TASK DIRECTIONS: A verbatim copy of the line containing "STEP (ISO 10303-21)" and all lines after it, up to and including the final line of the records, is the only acceptable output.

GIVEN INFORMATION:
★ ★ ★ ★

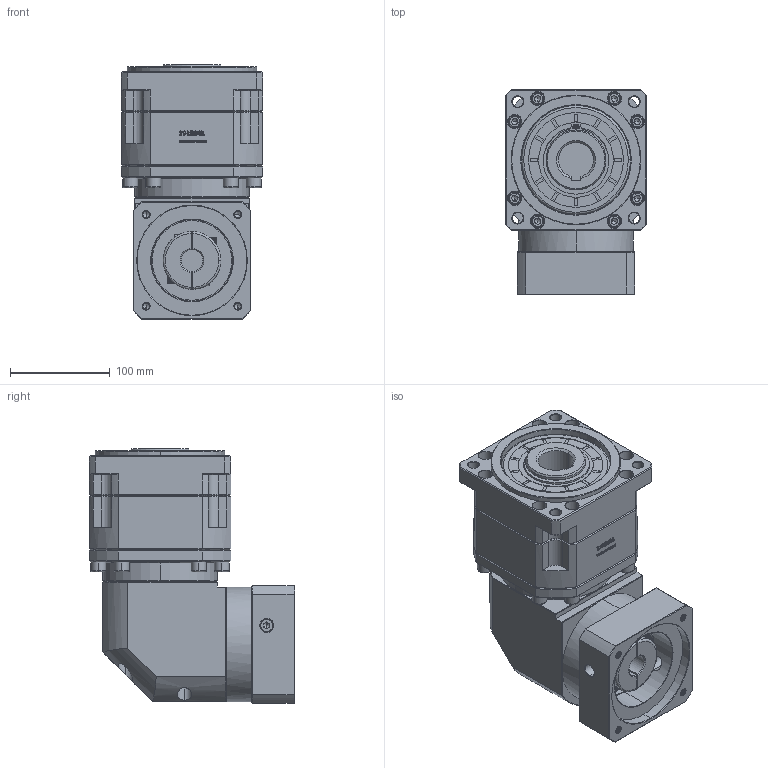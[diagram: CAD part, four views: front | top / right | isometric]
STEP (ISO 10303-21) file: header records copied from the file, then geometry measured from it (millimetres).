
FILE_DESCRIPTION (( 'STEP AP214' ), '1' );
FILE_NAME ('ZBR142A-K35-L2-22-110-130-M8.step', '2023-03-20T04:14:55', ( '' ), ( '' ), 'SwSTEP 2.0', 'SolidWorks 2016', '' );
FILE_SCHEMA (( 'AUTOMOTIVE_DESIGN' ));
Length unit declared in the file: millimetre
Products named in the file (1): ZBR142A-K35-L2-22-110-130-M8
Bounding box: 142 x 205.9 x 255.2 mm (x, y, z)
Volume: 4211222.6 mm3; surface area: 312105.2 mm2
Topology: 6 solids, 6 shells, 3133 faces, 8255 edges, 5289 vertices
Faces by surface type: plane 1645, bspline 586, cylinder 465, cone 393, torus 44
Entity records: 164133 total; most frequent: CARTESIAN_POINT 56725, ORIENTED_EDGE 16406, DIRECTION 12867, EDGE_CURVE 8203, LINE 5531, VECTOR 5531, VERTEX_POINT 5289, AXIS2_PLACEMENT_3D 3668

★ ★ ★ ★

SOLUTION TO THE PROBLEM:
STEP (ISO 10303-21) file: header records copied from the file, then geometry measured from it (millimetres).
FILE_DESCRIPTION (( 'STEP AP214' ), '1' );
FILE_NAME ('ZBR142A-K35-L2-22-110-130-M8.step', '2023-03-20T04:14:55', ( '' ), ( '' ), 'SwSTEP 2.0', 'SolidWorks 2016', '' );
FILE_SCHEMA (( 'AUTOMOTIVE_DESIGN' ));
Length unit declared in the file: millimetre
Products named in the file (1): ZBR142A-K35-L2-22-110-130-M8
Bounding box: 142 x 205.9 x 255.2 mm (x, y, z)
Volume: 4211222.6 mm3; surface area: 312105.2 mm2
Topology: 6 solids, 6 shells, 3133 faces, 8255 edges, 5289 vertices
Faces by surface type: plane 1645, bspline 586, cylinder 465, cone 393, torus 44
Entity records: 164133 total; most frequent: CARTESIAN_POINT 56725, ORIENTED_EDGE 16406, DIRECTION 12867, EDGE_CURVE 8203, LINE 5531, VECTOR 5531, VERTEX_POINT 5289, AXIS2_PLACEMENT_3D 3668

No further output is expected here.